I have some addresses that I would like to clean.
You can see that in column address1, we have some entries that are just numbers, where they should be numbers and street names like the first three rows.
df = pd.DataFrame({'address1':['15 Main Street','10 High Street','5 Other Street',np.nan,'15','12'],
'address2':['New York','LA','London','Tokyo','Grove Street','Garden Street']})
print(df)
address1 address2
0 15 Main Street New York
1 10 High Street LA
2 5 Other Street London
3 NaN Tokyo
4 15 Grove Street
5 12 Garden Street
I'm trying to create a function that will check if address1 is a number, and if so, concat address1 and street name from address2, then delete address2.

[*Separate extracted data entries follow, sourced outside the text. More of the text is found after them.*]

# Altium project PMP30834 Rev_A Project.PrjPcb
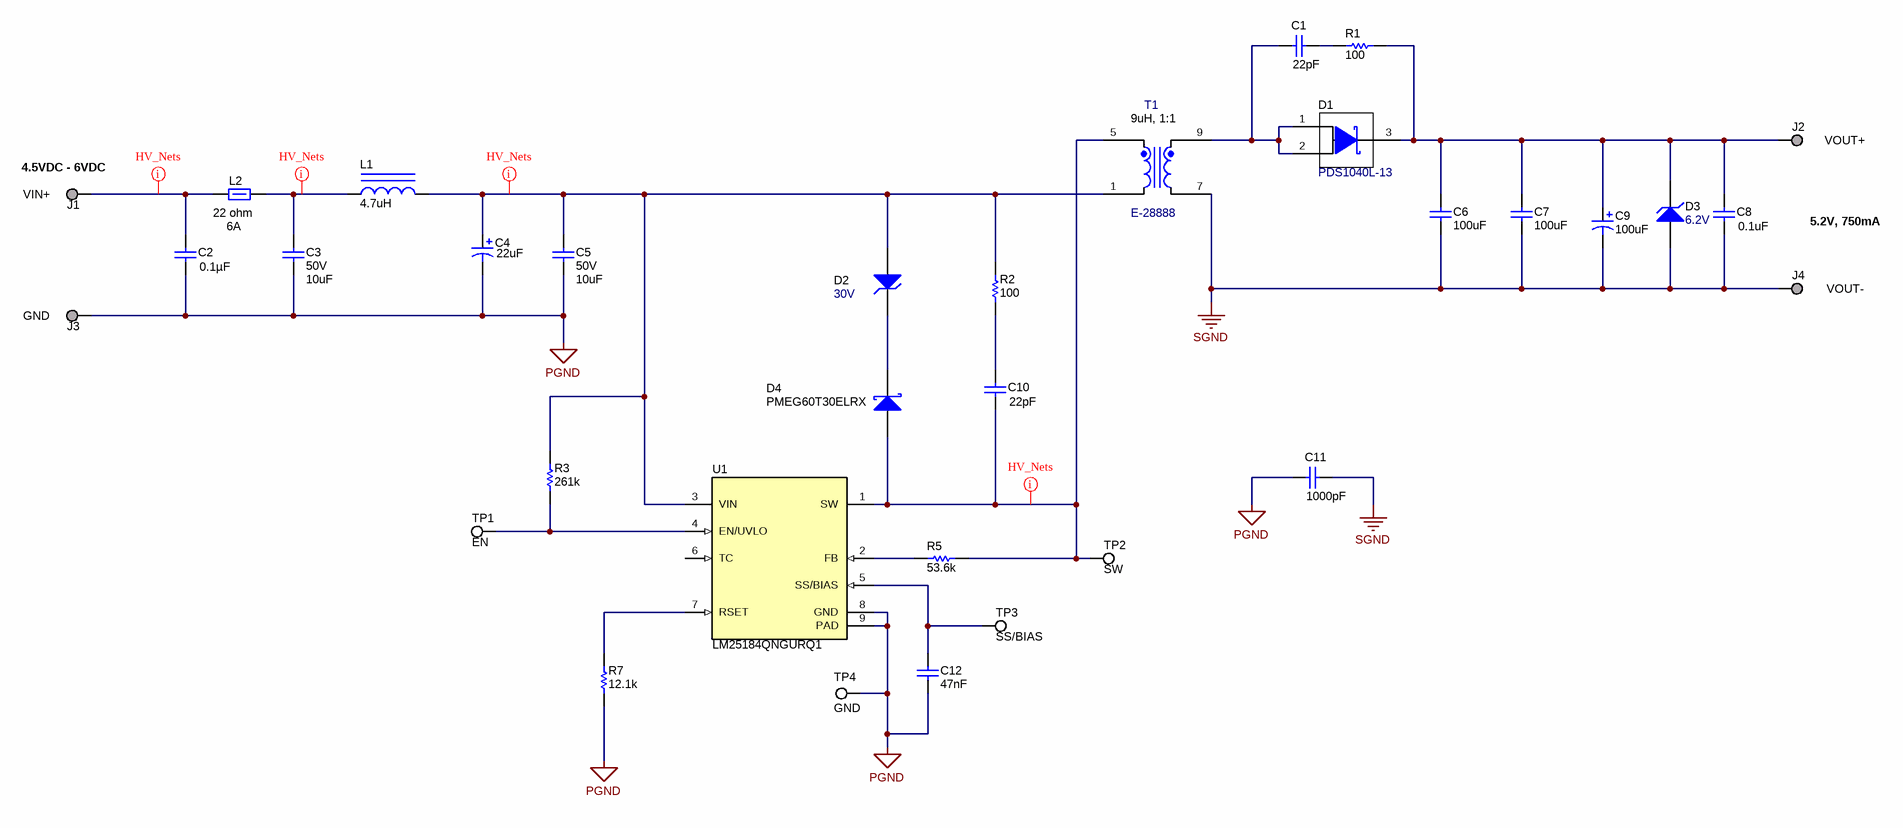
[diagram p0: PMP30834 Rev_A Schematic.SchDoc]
TID: N/A; TechSupport: http://www.ti.com/support; SCH_Rev: A; PRJ_Title: LM25184 Flyback Converter; PRJ_Number: PMP30834; PRJ_Engineer: R. Scibilia; PRJ_Customer: Public Release; PCB_Rev: A; PCB_Layout: K Nielson; CopyrightYear: 2020
2 sheets, 54 parts. Net scope: global (net labels, ports and power ports of the same name join across sheets).
Board file: PMP30834 Rev_A PCB.PcbDoc
Sheets:
  PMP30834 Rev_A Schematic.SchDoc
  PMP30834 Rev_A-HW.SchDoc

## Sheet PMP30834 Rev_A Schematic.SchDoc: LM25184 Flyback Converter - Schematic
size 431 x 279 mm; Date: Not shown in title block; ApprovedBy: Not shown in title block; CheckedBy: Not shown in title block; Author: Not shown in title block; CompanyName: Not shown in title block; DrawnBy: R. Scibilia; Engineer: Not shown in title block; Organization: Not shown in title block; Address1: Not shown in title block; Address2: Not shown in title block; Address3: Not shown in title block; Address4: Not shown in title block; DocumentNumber: 1; Revision: Use project parameter SCH_Rev; SheetNumber: 1; SheetTotal: 2; PageSetup: Record=PageOptions¦CenterHorizontal=True¦CenterVertical=True¦PrintScale=1.00¦XCorrection=1.00¦YCorrection=1.00¦PrintKind=0¦BorderSize=5000000¦LeftOffset=0¦BottomOffset=0¦Orientation=2¦PaperLength=1000¦PaperWidth=1000¦Scale=100¦PaperSource=15¦PrintQuality=600¦MediaType=1¦DitherType=10¦PaperKind=Letter¦PrintScaleMode=1

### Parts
C1  ValueDisplayed: 22pF  [0603_HV]  (hidden comment: GRM1885C2A220JA01D)
C2  ValueDisplayed: 0.1µF  [0603]  (hidden comment: C0603C104K5RACAUTO)
C3  VDC_V: 50V  ValueDisplayed: 10uF  [1210_280]  (hidden comment: CGA6P3X7S1H106K250AB)
C4  ValueDisplayed: 22uF  [Panasonic_D]  (hidden comment: EEH-ZC1H220P)
C5  VDC_V: 50V  ValueDisplayed: 10uF  [1210_280]  (hidden comment: CGA6P3X7S1H106K250AB)
C6  ValueDisplayed: 100uF  [1210_280]  (hidden comment: C1210C107M9PACTU)
C7  ValueDisplayed: 100uF  [1210_280]  (hidden comment: C1210C107M9PACTU)
C8  value 0.1uF  [0603L]  (hidden comment: C0603C104K5RACAUTO)
C9  ValueDisplayed: 100uF  [7343-31]  (hidden comment: T598D107M016ATE050)
C10  ValueDisplayed: 22pF  [0603_HV]  (hidden comment: GRM1885C2A220JA01D)
C11  ValueDisplayed: 1000pF  [1206_190]  (hidden comment: 202R18W102KV4E)
C12  Cap_F: 47nF  [0603L]  (hidden comment: GCM188R71E473KA37D)
D1  PDS1040L-13  [POWERDI5]
D2  value 30V  [SMA]  (hidden comment: 3SMAJ5936B-TP)
D3  value 6.2V  [SOD-523]  (hidden comment: BZT52C6V2T-7)
D4  PMEG60T30ELRX  [SOD-123W]
J1  1573-2  [Keystone1573-2]  (value not drawn)
J2  1573-2  [Keystone1573-2]  (value not drawn)
J3  1573-2  [Keystone1573-2]  (value not drawn)
J4  1573-2  [Keystone1573-2]  (value not drawn)
L1  ValueDisplayed: 4.7uH  [XFL4030]  (hidden comment: XFL4030-472MEB)
L2  value 22 ohm  Value2: 6A  [0805_HV]  (hidden comment: 742792021)
R1  ValueDisplayed: 100  [0603L]  (hidden comment: CRCW0603100RFKEA)
R2  ValueDisplayed: 100  [0603L]  (hidden comment: CRCW0603100RFKEA)
R3  ValueDisplayed: 261k  [0603_HV]  (hidden comment: CRCW0603261KFKEA)
R5  ValueDisplayed: 53.6k  [0603]  (hidden comment: RC0603FR-0753K6L)
R7  ValueDisplayed: 12.1k  [0603L]  (hidden comment: CRCW060312K1FKEA)
T1  E-28888  ValueDisplayed: 9uH, 1:1  [Coilcraft_PA6719-AE]
TP1  EN  [Testpoint_Keystone_Miniature]
TP2  SW  [Testpoint_Keystone_Miniature]
TP3  SS/BIAS  [Testpoint_Keystone_Miniature]
TP4  GND  [Testpoint_Keystone_Miniature]
U1  LM25184QNGURQ1  [NGU0008C]

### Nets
PGND: C2.2 C3.1 C4.2(-) C5.1 C11.2 C12.2 J3.1 R7.1 TP4.1 U1.8(GND) U1.9(PAD)
SGND: C6.1 C7.1 C8.2 C9.2(-) C11.1 D3.2(A) J4.1 T1.7
NetC1_1: C1.1 R1.2
NetC1_2: C1.2 D1.1(A) D1.2(A) T1.9
NetC2_1: C2.1 J1.1 L2.1
NetC3_2: C3.2 L1.1 L2.2
NetC4_1: C4.1(+) C5.2 D2.2(A) L1.2 R2.2 R3.2 T1.1 U1.3(VIN)
NetC6_2: C6.2 C7.2 C8.1 C9.1(+) D1.3(K) D3.1(K) J2.1 R1.1
NetC10_1: C10.1 R2.1
NetC10_2: C10.2 D4.2(A) R5.2 T1.5 TP2.1 U1.1(SW)
NetC12_1: C12.1 TP3.1 U1.5(SS/BIAS)
NetD2_1: D2.1(K) D4.1(K)
NetR3_1: R3.1 TP1.1 U1.4(EN/UVLO)
NetR5_1: R5.1 U1.2(FB)
NetR7_2: R7.2 U1.7(RSET)

Not connected (* = marked no-connect by the designer): U1 6(TC)

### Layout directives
net class HV_Nets: NetC2_1, NetC3_2, NetC4_1, NetC10_2

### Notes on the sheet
- (near J1) 4.5VDC - 6VDC
- (near J2) VOUT+
- (near J1) VIN+
- 5.2V, 750mA
- (near J3) GND
- (near J4) VOUT-

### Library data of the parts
C1 = CMP-0007255-4: CAP, CERM, 22 pF, 100 V, +/- 5%, C0G/NP0, 0603; Manufacturer: MuRata; TaMin_C: -55°C; Polarized: N; SizeAreaWB_mm2: 4.68; U/M: EA; Value: 22pF; TaMax_C: 125°C; SizeZ_mm: 1; SizeX_mm: 1.6; SizeY_mm: 0.8; Cap_Case: 0603; Value2: 100V; SizeArea_mm2: 1.28; CompType: Capacitor; AEC Category: Q200; Value1: Unknown
C2 = CMP-0079602-1: CAP, CERM, 0.1 µF, 50 V,+/- 10%, X7R, AEC-Q200 Grade 1, 0603; Manufacturer: Kemet; TaMin_C: -55°C; Polarized: N; SizeAreaWB_mm2: 4.68; U/M: EA; Value: 0.1uF; TaMax_C: 125°C; SizeZ_mm: 1; SizeX_mm: 1.6; SizeY_mm: 0.8; Value2: 50V; SizeArea_mm2: 1.28; AEC Qualified: Y; Cap_F: 100nF; AEC Category: Q200
C3 C5 = CMP-0009164-2: CAP, CERM, 10 uF, 50 V, +/- 10%, X7S, AEC-Q200 Grade 1, 1210; Manufacturer: TDK; TaMin_C: -55°C; Polarized: N; SizeAreaWB_mm2: 14.7; Value1: 0.002827 ohm; U/M: EA; Value: 10uF; TaMax_C: 125°C; SizeZ_mm: 2.8; SizeX_mm: 3.2; SizeY_mm: 2.5; SizeArea_mm2: 8; AEC Qualified: Y; Cap_F: 10µF; AEC Grade: 1; AEC Category: Q200; ESR_ohm: 2.827m; IRMS_A: 4.37286A
C4 = CMP-0012597-3: CAP, Polymer Hybrid, 22 uF, 50 V, +/- 20%, 0.08 ohm, AEC-Q200 Grade 1, D6.3xL5.8mm SMD; Manufacturer: Panasonic; TaMin_C: -55°C; ESR_ohm: 0.08; Polarized: Y; SizeAreaWB_mm2: 73.96; Value: 22uF; TaMax_C: 125°C; SizeZ_mm: 6.1; SizeX_mm: 6.6; Cap_Case: 6.3x5.8; Value2: 50V; SizeArea_mm2: 43.56; CompType: Capacitor; Cap_F: 22µF; IRMS_A: 750mA; AEC Grade: 1; AEC Category: Q200
C6 C7 = CMP-0009083-2: CAP, CERM, 100 uF, 6.3 V, +/- 20%, X5R, 1210; Manufacturer: Kemet; TaMin_C: -55°C; Polarized: N; SizeAreaWB_mm2: 14.7; Value1: Unknown; U/M: EA; Value: 100uF; TaMax_C: 85°C; SizeZ_mm: 2.8; SizeX_mm: 3.2; SizeY_mm: 2.5; Cap_Case: 1210; Value2: 6.3V; SizeArea_mm2: 8; Cap_F: 100µF; AEC Category: Q200
C8 = CMP-0079602-1: CAP, CERM, 0.1 µF, 50 V,+/- 10%, X7R, AEC-Q200 Grade 1, 0603; Manufacturer: Kemet; TaMin_C: -55°C; Polarized: N; SizeAreaWB_mm2: 4.68; U/M: EA; TaMax_C: 125°C; SizeZ_mm: 1; SizeX_mm: 1.6; SizeY_mm: 0.8; Cap_Case: 0603; Value2: 50V; SizeArea_mm2: 1.28; AEC Qualified: Y; Cap_F: 100nF; AEC Category: Q200; ValueDisplayed: 0.1µF
C9 = CMP-0012660-3: CAP, Tantalum Polymer, 100 uF, 16 V, +/- 20%, 0.05 ohm, AEC-Q200 Grade 1, 7343-31 SMD; Manufacturer: Kemet; TaMin_C: -55°C; ESR_ohm: 0.05; Polarized: Y; SizeAreaWB_mm2: 58.59; Value: 100uF; TaMax_C: 125°C; SizeZ_mm: 3.1; SizeX_mm: 7.3; SizeY_mm: 4.3; Value2: 16V; SizeArea_mm2: 31.39; CompType: Capacitor; Cap_F: 100µF; IRMS_A: 2.121A; AEC Grade: 1; AEC Category: Q200
C10 = CMP-0007255-4: CAP, CERM, 22 pF, 100 V, +/- 5%, C0G/NP0, 0603; Manufacturer: MuRata; TaMin_C: -55°C; Polarized: N; SizeAreaWB_mm2: 4.68; Value1: Unknown; U/M: EA; Value: 22pF; TaMax_C: 125°C; SizeZ_mm: 1; SizeX_mm: 1.6; SizeY_mm: 0.8; Cap_Case: 0603; Value2: 100V; SizeArea_mm2: 1.28; CompType: Capacitor; AEC Category: Q200
C11 = CMP-0008572-2: CAP, CERM, 1000 pF, 2000 V, +/- 10%, X7R, 1206_190; Manufacturer: Johanson Technology; TaMin_C: -55°C; Polarized: N; SizeAreaWB_mm2: 10.92; Value1: Unknown; U/M: EA; Value: 1000pF; TaMax_C: 125°C; SizeZ_mm: 1.9; SizeX_mm: 3.2; SizeY_mm: 1.6; Cap_Case: 1206; Value2: 2000V; SizeArea_mm2: 5.12; CompType: Capacitor; Cap_F: 1nF; VDC_V: 2kV; AEC Category: Q200
C12 = CMP-0007141-3: CAP, CERM, 0.047 uF, 25 V, +/- 10%, X7R, AEC-Q200 Grade 1, 0603; Manufacturer: MuRata; TaMin_C: -55°C; Polarized: N; SizeAreaWB_mm2: 4.68; Value1: Unknown; U/M: EA; TaMax_C: 125°C; SizeZ_mm: 1; SizeX_mm: 1.6; SizeY_mm: 0.8; Cap_Case: 0603; Value2: 25V; SizeArea_mm2: 1.28; AEC Qualified: Y; AEC Category: Q200
D1 = CMP-0028634-2: Diode, Schottky, 40 V, 10 A, PowerDI5; Manufacturer: Diodes Inc.; Value2: 0.49V; Vf_V: 490mV; AEC Category: Q101; Value1: 10A; RJC_CperW: 85; Green_Lifecycle: Active; SizeY_mm: 3.9; SizeArea_mm2: 24.96; Vr_V: 40V; Green_REACh: Passed; SizeX_mm: 6.4; TJmax_C: 150°C; SizeZ_mm: 1.05; SizeAreaWB_mm2: 49.56
D2 = CMP-0005515-3: Diode, Zener, 30 V, 3 W, SMA; Manufacturer: Micro Commercial Components; SizeArea_mm2: 16.3228; Value1: 3W; SizeY_mm: 2.92; SizeX_mm: 5.59; RJA_CperW: 226; SizeZ_mm: 2.87; SizeAreaWB_mm2: 37.3428; AEC Category: Q101
D3 = CMP-0005901-1: Diode, Zener, 6.2 V, 300 mW, SOD-523; Manufacturer: Diodes Inc.; Power_W: 300mW; SizeAreaWB_mm2: 5.13; Value1: 0.3W; RJA_CperW: 417; U/M: EA; SizeZ_mm: 0.65; SizeX_mm: 1.7; SizeY_mm: 0.9; SizeArea_mm2: 1.53; AEC Category: Q101
D4 = CMP-0085903-1: Diode, Schottky, 60 V, 3 A, AEC-Q101, SOD-123W; Manufacturer: Nexperia; Io_A: 3A; SizeAreaWB_mm2: 12.15; Vr_V: 60V; TJmax_C: 175°C; SizeZ_mm: 1; SizeX_mm: 3.5; SizeY_mm: 1.7; Vf_V: 620mV; Value2: 0.62V; SizeArea_mm2: 5.95; AEC Qualified: Y; AEC Category: Q101
J1-J4 = CMP-0055119-1: Terminal, Turret, TH, Double; Manufacturer: Keystone; CT: FALSE; Green_REACh: Passed; CompType: Turret Terminal; Green_Lifecycle: Active
L1 = CMP-0061153-1: Inductor, Shielded, Composite, 4.7 uH, 2.1 A, 0.03 ohm, SMD; Manufacturer: Coilcraft; Isat: 2.1A @ 30% inductance drop; Irms: 7.5A @ 40C rise; Green_Lifecycle: Not Set; SizeAreaWB_mm2: 25; DCR_ohm: 0.03; Green_REACh: Incomplete; Value: 4.7uH; Imax_A: 2.1A; SizeZ_mm: 3.1; SizeX_mm: 4; SizeArea_mm2: 16; Ind_H: 4.7µH; AEC Qualified: N; AEC Category: Q200
L2 = CMP-0003072-1: Ferrite Bead, 22 ohm @ 100 MHz, 6 A, 0805; Manufacturer: Wurth Elektronik; Ztyp@1GHz_Ohm: 40.219; ZTyp@100MHz_Ohm: 22; SizeAreaWB_mm2: 6.75; DCR_ohm: 8m; Value1: 0.008 ohm; SizeZ_mm: 1.45; SizeX_mm: 2; SizeY_mm: 1.25; SizeArea_mm2: 2.5
R1 R2 = CMP-0021991-4: RES, 100, 1%, 0.1 W, AEC-Q200 Grade 0, 0603; Manufacturer: Vishay-Dale; Power_W: 100mW; TempCo: 100 ppm/C; Value_Code: 100R; Value: 100; EIA_Code: E96; SizeX_mm: 1.6; SizeY_mm: 0.8; SizeZ_mm: 1; Value2: 0.1W; SizeArea_mm2: 1.28; AEC Qualified: Y; VDC_V: 75V; AEC Category: Q200; AEC Grade: 0
R3 = CMP-0022244-4: RES, 261 k, 1%, 0.1 W, AEC-Q200 Grade 0, 0603; Manufacturer: Vishay-Dale; Power_W: 100mW; TempCo: 100 ppm/C; Value: 261k; EIA_Code: E96; SizeX_mm: 1.6; SizeY_mm: 0.8; SizeZ_mm: 1; Value2: 0.1W; SizeArea_mm2: 1.28; AEC Qualified: Y; VDC_V: 75V; AEC Category: Q200; AEC Grade: 0
R5 = CMP-0023176-5: RES, 53.6 k, 1%, 0.1 W, 0603; Manufacturer: Yageo; Power_W: 100mW; TempCo: 100 ppm/C; Value_Code: 53k6; Value: 53.6k; EIA_Code: E96; SizeX_mm: 1.6; SizeY_mm: 0.8; SizeZ_mm: 1; Value2: 0.1W; SizeArea_mm2: 1.28; AEC Qualified: N; VDC_V: 75V; AEC Category: Q200; SizeAreaWB_mm2: 4.68
R7 = CMP-0022030-4: RES, 12.1 k, 1%, 0.1 W, AEC-Q200 Grade 0, 0603; Manufacturer: Vishay-Dale; Power_W: 100mW; TempCo: 100 ppm/C; Value_Code: 12k1; Value: 12.1k; EIA_Code: E96; SizeX_mm: 1.6; SizeY_mm: 0.8; SizeZ_mm: 1; Value2: 0.1W; SizeArea_mm2: 1.28; AEC Qualified: Y; VDC_V: 75V; AEC Category: Q200; AEC Grade: 0
T1 = CMP-0030170-2: Transformer, Flyback, SMT; Manufacturer: Custom; LeakageInd_H: 500nH; Ind_H: 9µH; Lp: 9; DCR_ohm: 45m
TP1-TP4 = CMP-0055152-1: Test Point, Miniature, SMT; Manufacturer: Keystone; PartNumber: 5015; CNHeader: FALSE; Green_Lifecycle: Active; Green_REACh: Passed; CT: TRUE
U1 = CMP-0860959-2: 42-VIN PSR Flyback DC/DC Converter with 65-V, 4-A Integrated MOSFET, NGU0008C (WSON-8); Manufacturer: Texas Instruments; SizeArea_mm2: 16; SizeY_mm: 4; SizeAreaWB_mm2: 25; CompType: IC; AEC Category: Q200; SizeZ_mm: 0.8; AEC Qualified: Y

## Sheet PMP30834 Rev_A-HW.SchDoc: LM25184 Flyback Converter - Hardware
size 431 x 279 mm; Date: Not shown in title block; ApprovedBy: Not shown in title block; CheckedBy: Not shown in title block; Author: Not shown in title block; CompanyName: Not shown in title block; DrawnBy: R. Scibilia; Engineer: Not shown in title block; Organization: Not shown in title block; Address1: Not shown in title block; Address2: Not shown in title block; Address3: Not shown in title block; Address4: Not shown in title block; DocumentNumber: 2; Revision: Use project parameter SCH_Rev; SheetNumber: 2; SheetTotal: 2; PageSetup: Record=PageOptions¦CenterHorizontal=True¦CenterVertical=True¦PrintScale=1.00¦XCorrection=1.00¦YCorrection=1.00¦PrintKind=0¦BorderSize=5000000¦LeftOffset=0¦BottomOffset=0¦Orientation=2¦PaperLength=1000¦PaperWidth=1000¦Scale=100¦PaperSource=15¦PrintQuality=600¦MediaType=1¦DitherType=10¦PaperKind=Letter¦PrintScaleMode=1
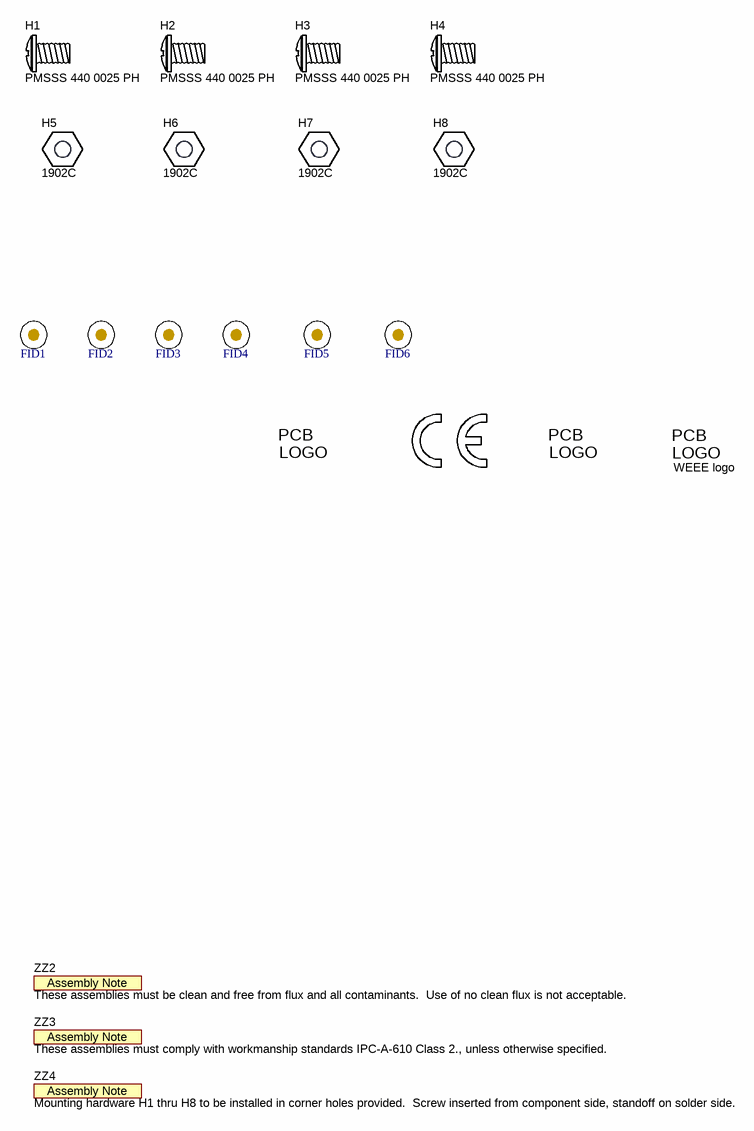
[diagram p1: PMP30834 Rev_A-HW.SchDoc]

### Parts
FID1  Fiducial  [Fiducial10-20]  (value not drawn)
FID2  Fiducial  [Fiducial10-20]  (value not drawn)
FID3  Fiducial  [Fiducial10-20]  (value not drawn)
FID4  Fiducial  [Fiducial10-20]  (value not drawn)
FID5  Fiducial  [Fiducial10-20]  (value not drawn)
FID6  Fiducial  [Fiducial10-20]  (value not drawn)
H1  PMSSS 440 0025 PH  [B_F_PMSSS4400025PH]
H2  PMSSS 440 0025 PH  [B_F_PMSSS4400025PH]
H3  PMSSS 440 0025 PH  [B_F_PMSSS4400025PH]
H4  PMSSS 440 0025 PH  [B_F_PMSSS4400025PH]
H5  1902C  [Keystone_1902C]
H6  1902C  [Keystone_1902C]
H7  1902C  [Keystone_1902C]
H8  1902C  [Keystone_1902C]
Logo1  Texas Instruments  [TI_Stacked_Overlay_Small]  (value not drawn)  (no BOM)
Logo2  WEEE logo  [WEEE_Minimum]  (no BOM)
Logo3  FCC disclaimer  [FCC_disclaimer_stacked]  (value not drawn)  (no BOM)
LOGO4  CE Mark  [CE_Mark_5mm]  (value not drawn)  (no BOM)
ZZ2  These assemblies must be clean and free from flux and all contaminants.  Use of no clean flux is not acceptable.  [AssemblyNote]  (no BOM)
ZZ3  These assemblies must comply with workmanship standards IPC-A-610 Class 2., unless otherwise specified.  [AssemblyNote]  (no BOM)
ZZ4  Mounting hardware H1 thru H8 to be installed in corner holes provided.  Screw inserted from component side, standoff on solder side.  [AssemblyNote]  (no BOM)

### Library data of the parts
FID1-FID6 = CMP-0077181-1: Fiducial mark.  There is nothing to buy or mount.
H1 H2 H4 = CMP-0003715-1: MACHINE SCREW PAN PHILLIPS 4-40; Manufacturer: B&F Fastener Supply; CompType: Standoff; Component Classes: MountingHoles
H3 = CMP-0003715-1: MACHINE SCREW PAN PHILLIPS 4-40; Manufacturer: B&F Fastener Supply; CompType: Standoff; Component Classes: MountingHoles; Rule: PcbType=ProtelPcb
H5-H8 = CMP-0003610-1: Standoff, Hex, 0.5"L #4-40 Nylon; Manufacturer: Keystone; CompType: Hardware; Component Classes: MountingHoles
Logo1 = CMP-0074838-1: Texas Instrument Corporate Signature; SymbolCreator: a0412235; Lib Reference: TI_Logo
Logo2 = CMP-0074769-1
Logo3 = CMP-0074847-1: FCC_disclaimer
LOGO4 = CMP-0074844-1: SymbolCreator: a0412235
ZZ2-ZZ4 = AssemblyNote: SymbolCreator: codlsc

My expected output is this. We can see index 4 and 5 now have complete address1 entries:
address1 address2
0 15 Main Street New York
1 10 High Street LA
2 5 Other Street London
3 NaN Tokyo
4 15 Grove Street NaN <---
5 12 Garden Street NaN <---
What I have tried with the .apply() function:
def f(x):
try:
#if address1 is int
if isinstance(int(x['address1']), int):
# create new address using address1 + address 2
newaddress = str(x['address1']) +' '+ str(x['address2'])
# delete address2
x['address2'] = np.nan
# return newaddress to address1 column
return newadress
except:
pass
Applying the function:
df['address1'] = df.apply(f,axis=1)
However, the column address1 is now all None.
I've tried a few variations of this function but can't get it to work. Would appreciate advice.